Beijing Membatasi Aplikasi Paspor, Memaksa Pemakaian Produk Dalam Negeri sebagai Tanda-Tanda Menuju Isolasi Negara ?

 oleh Chen Han

Seorang mantan pejabat AS mengungkapkan kepada Reuters bahwa pada 14 Mei tahun ini, Kementerian Keuangan Tiongkok bersama Kementerian Perindustrian dan Teknologi Informasi Tiongkok  mengeluarkan Surat Edaran (SE) No. 551, yang diberi judul “Pedoman Peninjauan Pengadaan Barang Impor untuk Pemerintah”.

SE tersebut telah dikirim ke semua rumah sakit, perusahaan dan bagian logistik milik negara lainnya. Isi SE menghendaki industri dalam negeri Tiongkok ikut mendorong pencapaian 25 hingga 100% tingkat penggunaan produk buatan lokal, khususnya mewajibkan penggunaan ke-315 jenis produk yang tertera dalam SE. 

Produk-produk tersebut meliputi peralatan medis, peralatan radar darat, mesin inspeksi, instrumen optik, produk peternakan, peralatan seismik, peralatan untuk maritim, geologi dan geofisika.

Komentator Tiongkok, Tang Jingyuan kepada NTD mengatakan “Pemerintah komunis Tiongkok telah mengendalikan sejumlah besar perusahaan milik negara, termasuk rumah sakit besar dan lainnya. Meskipun entitas-entitas ini “dikuliti” dengan badan usaha yang manajemennya berhak mengelola faktor-faktor produksi, tetapi “dalamnya” sebenarnya adalah entitas yang dikontrol secara ketat oleh pemerintah komunis Tiongkok, ia hanya merupakan perpanjangan tangan rezim.
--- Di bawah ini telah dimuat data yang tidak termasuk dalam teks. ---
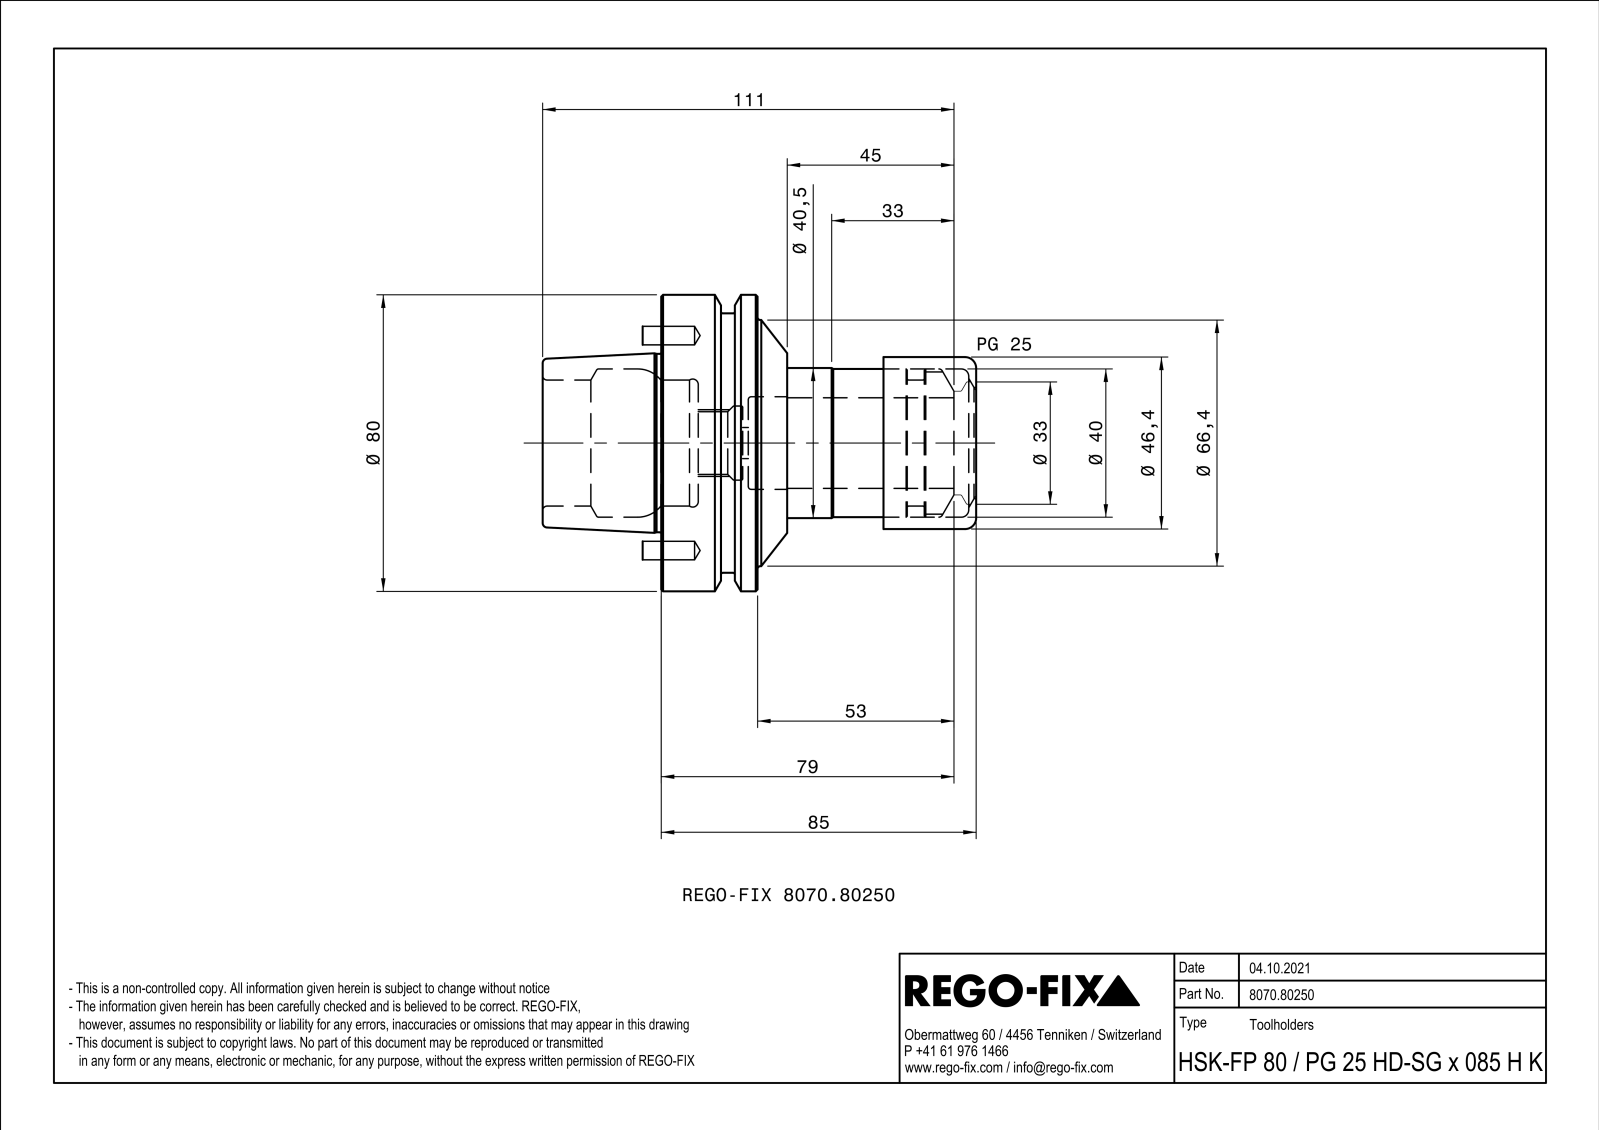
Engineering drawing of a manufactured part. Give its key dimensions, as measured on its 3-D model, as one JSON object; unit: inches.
{"part_name": "0023460", "step_written_by": "SIEMENS PLM Software Solid Edge ST10 (AUTOMOTIVE_DESIGN)", "units": "inches", "bodies": {"solids": 6, "faces": 107, "planar": 32, "cylindrical": 32, "other": 43}, "overall_size": [4.606, 3.15, 3.15], "volume_in3": 11.8, "surface_area_in2": 76.05, "round_holes": [[0.157, 2], [0.177, 2], [0.197, 2], [0.331, 1], [0.666, 1], [0.787, 1], [0.984, 1], [1.181, 1], [1.339, 1], [1.511, 1], [1.577, 1], [1.654, 1]], "round_bosses_or_shafts": [[0.177, 2], [3.15, 1], [2.756, 1], [2.614, 1], [1.895, 1], [1.827, 1], [1.811, 1], [1.594, 1]], "face_to_face_distances": [1.024, 1.339, 0.241, 0.389, 0.315, 0.472, 2.008, 0.945, 0.63, 0.394], "hole_center_spacings": [1.142, 2.283]}

Oleh karena itu, persyaratan pengadaan ini sama saja dengan memaksa sebagian besar perusahaan untuk tidak membeli produk Amerika, yang setara dengan negara yang memboikot barang-barang buatan AS”.

Mantan pejabat AS mengatakan bahwa, sebelum komunis Tiongkok bergabung dengan Organisasi Perdagangan Dunia (WHO), pernah berjanji untuk tidak merilis dokumen serupa ini. Pemerintah komunis Tiongkok sekarang selain melanggar janjinya pada saat itu, tetapi juga merusak semangat perjanjian perdagangan tahap pertama yang dicapai dengan Amerika Serikat pada Januari 2020.

Tang Jingyuan mengatakan : “Justru karena melanggar semangat perjanjian ini, Beijing tidak berani secara terbuka mengungkapkan surat edaran ini, kecuali menerapkannya secara diam-diam. Perilaku ini dapat dikategorikan sebagai perilaku premanisme. Artinya, mereka tidak pernah mau secara sungguh-sungguh mematuhi kesepakatan atau aturan apa pun”.

Dalam perjanjian perdagangan tahap pertama yang ditandatangani pada era Presiden Donald Trump, rezim Beijing berkomitmen membuka pasar, meningkatkan hambatan non-tarif, dan memperbaiki kurangnya dalam hal transparansi.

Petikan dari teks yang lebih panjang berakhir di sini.